Another option is to string-join the sequences via a unique character, then do a straightforward string diff. The XSLT function tan:diff() is efficient and results in high quality. You would then need to do some post-processing on the results to get your integer pairs. But presumably you're getting those integer pairs not as an end in itself but as a means to some other task, and the output of tan:diff() may get you there quicker. You might also be able to skip what I presume is a preprocess of turning two strings into two sequences of tokenized strings. tan:diff() is written in XSLT, not XQuery, but you should be able to use fn:transform().
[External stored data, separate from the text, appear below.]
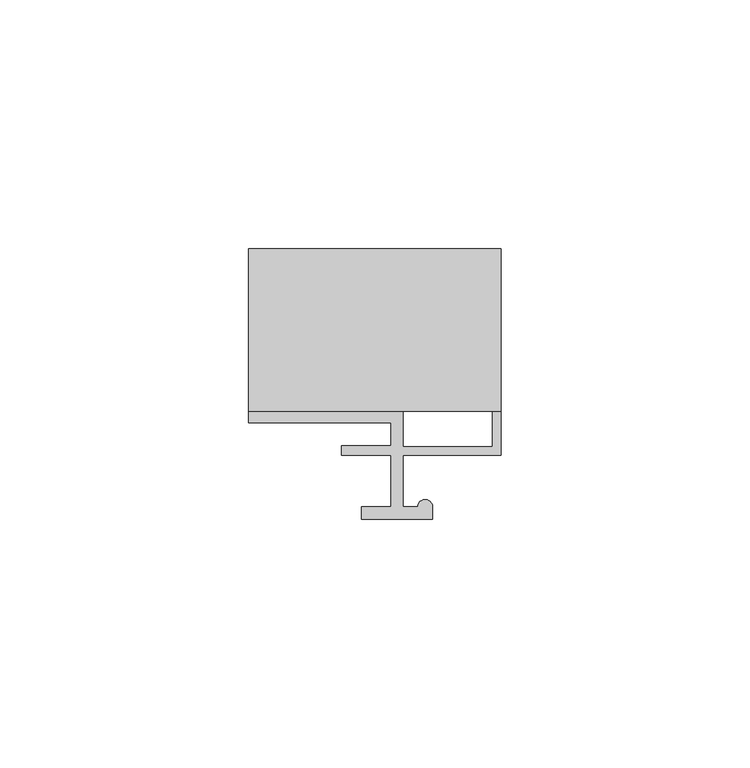
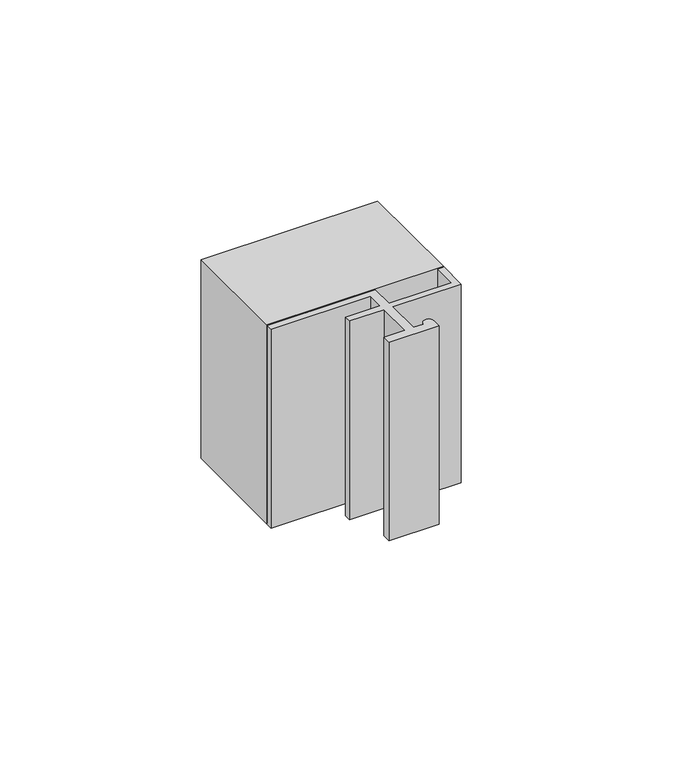
"""IFC4 building model written with IfcOpenShell, lengths in millimetres: proxy geometry, Generic Models 9:Generic Models 5:348123:Generic Models 5:348123 : Generic Models 9:Generic Models 5:348123:1 : Generic Models 9:Generic Models 5:348123:Generic Models 5:348123 : Generic Models 9:Generic Models 5:348123:301771."""

from ifc_helpers import new_model, si_unit, point, frame, frame_2d, origin, place, context, project, spatial, polyline, circle_curve, trimmed, segment, composite_curve, outline, extrude, source, transform, mapped, element, save


def generic_models_2b47b7e9(model_context):
    return source(origin(), model_context, "Body", "SweptSolid", [
        extrude(outline(polyline([(592204.7959377, -579000.6913841), (592255.5959377, -579000.6913841), (592255.5959377, -579033.3483921), (592204.7959377, -579033.3483921), (592204.7959377, -579000.6913841)])), frame((0.0, 0.0, 1233.0725209), z_axis=(0.0, 0.0, 1.0), x_axis=(1.0, 0.0, 0.0)), (0.0, 0.0, 1.0), 60.325),
        extrude(outline(composite_curve([segment(polyline([(592235.8677824, -579042.226062), (592235.8677824, -579052.5833435), (592238.8270057, -579052.5833435)]), True, "CONTINUOUS"), segment(trimmed(circle_curve(frame_2d((592240.3066173, -579052.5833435)), 1.4796117), [point((592238.8270057, -579052.5833435))], [point((592241.786229, -579052.5833435))], False, "CARTESIAN"), True, "CONTINUOUS"), segment(polyline([(592241.786229, -579052.5833435), (592241.786229, -579055.0493629), (592227.4833163, -579055.0493629), (592227.4833163, -579052.5833435), (592233.4017629, -579052.5833435), (592233.4017629, -579042.226062), (592223.5376853, -579042.226062), (592223.5376853, -579040.2532464), (592233.4017629, -579040.2532464), (592233.4017629, -579035.6171299), (592204.7959377, -579035.6171299), (592204.7959377, -579033.3483921), (592235.8677824, -579033.3483921), (592235.8677824, -579040.450528), (592253.8204037, -579040.450528), (592253.8204037, -579033.3483921), (592255.5959377, -579033.3483921), (592255.5959377, -579042.226062), (592235.8677824, -579042.226062)]), True, "CONTINUOUS")], self_intersect=False)), frame((0.0, 0.0, 1233.0725209), z_axis=(0.0, 0.0, 1.0), x_axis=(1.0, 0.0, 0.0)), (0.0, 0.0, 1.0), 60.325),
    ])


if __name__ == "__main__":
    model = new_model("IFC4")
    model_context = context("Model", 3, world=origin())
    ifc_project = project(units=[si_unit("LENGTHUNIT", "METRE", prefix="MILLI")], contexts=[model_context])
    site = spatial("IfcSite", under=ifc_project)
    building = spatial("IfcBuilding", under=site)
    placement = place(None, origin())
    generic_models_shape = generic_models_2b47b7e9(model_context)
    element("IfcBuildingElementProxy", 1, Name="Generic Models 9:Generic Models 5:348123:Generic Models 5:348123 : Generic Models 9:Generic Models 5:348123:1 : Generic Models 9:Generic Models 5:348123:Generic Models 5:348123 : Generic Models 9:Generic Models 5:348123:301771", ObjectType="Generic Models 9:Generic Models 5:348123:Generic Models 5:348123 : Generic Models 9:Generic Models 5:348123:1 : Generic Models 9:Generic Models 5:348123:Generic Models 5:348123 : Generic Models 9:Generic Models 5:348123:301771", at=placement, inside=building, context=model_context, shape_type="MappedRepresentation", body=[
        mapped(generic_models_shape, transform((0.0, 0.0, 0.0), x_axis=(1.0, 0.0, 0.0), y_axis=(0.0, 1.0, 0.0), z_axis=(0.0, 0.0, 1.0))),
    ])
    save(model, "model.ifc")

# Revit data of these elements
# Type "Generic Models 9:Generic Models 5:348123:Generic Models 5:348123 : Generic Models 9:Generic Models 5:348123:1 : Generic Models 9:Generic Models 5:348123:Generic Models 5:348123 : Generic Models 9:Generic Models 5:348123:301771"
#   NameOverride = "Generic Models 9:Generic Models 5:348123:Generic Models 5:348123 : Generic Models 9:Generic Models 5:348123:301771"
#   ObjectTypeOverride = "Generic Models 5:348123 : Generic Models 9:Generic Models 5:348123"
#   Reference = "Generic Models 5"
#   Tag = "301771"
# Element 1 (IfcBuildingElementProxy, "Generic Models 9:Generic Models 5:348123:Generic Models 5:348123 : Generic Models 9:Generic Models 5:348123:1 : Generic Models 9:Generic Models 5:348123:Generic Models 5:348123 : Generic Models 9:Generic Models 5:348123:301771")
#   Materials on its faces: "GA. STEEL CLIP AT EVERY SEAM IN POLYCARBONATE (WITH STEEL PLATE EXTENSION, IF NECS.)"
# Materials
#   "GA. STEEL CLIP AT EVERY SEAM IN POLYCARBONATE (WITH STEEL PLATE EXTENSION, IF NECS.)": class "Unassigned", colour RGB 120 120 120, transparency 0, Cost = 0

Code: https://textalign.net/ Background: https://www.balisage.net/Proceedings/vol26/html/Kalvesmaki01/BalisageVol26-K... Best wishes, Joel On 2026-02-12 07:21, Graydon Saunders via BaseX-Talk wrote:
Thank you! I can foresee some brain stretching in my future.
And yes, just two sequences of text, and what should be very similar text. (I'm trying to write tests for a conversion process.)
-- Graydon
On Thu, Feb 12, 2026, at 07:12, David Birnbaum wrote:
With just two sequences you can use Needleman-Wunsch. It’s a dynamic programming algorithm that provides an optimal alignment (good thing, although there may be more than one optimal alignment), but it doesn’t scale well (not good thing). I describe an XSLT 3.0 implementation in my 2020 XMLPrague paper at
https://archive.xmlprague.cz/2020/files/xmlprague-2020-proceedings.pdf
Your question doesn’t clarify whether you’re looking for index numbers in the alignment (where a word in one input might be matched by a gap in the other) or in the inputs (where aligned words share a position in the alignment but may have different positions in the inputs). For either of those interpretations, though, a solution will begin by finding an alignment.
David J. Birnbaum djbpitt@gmail.com
On Feb 11, 2026, at 9:41 PM, Graydon Saunders <graydonish@fastmail.com> wrote:
Hello!
If I have two (fairly long) sequences of text, ('The', 'words', 'are', 'sequence', 'members') and I want all the index numbers of matching pairs despite the sequences only mostly matching (so a word, or several words, can be missing from sequence A or sequence B), is there an established algorithm for doing this?
(If I search on "aligning sequences" I get bioinformatics about gene sequences; if I search on "aligning text" I get typography.)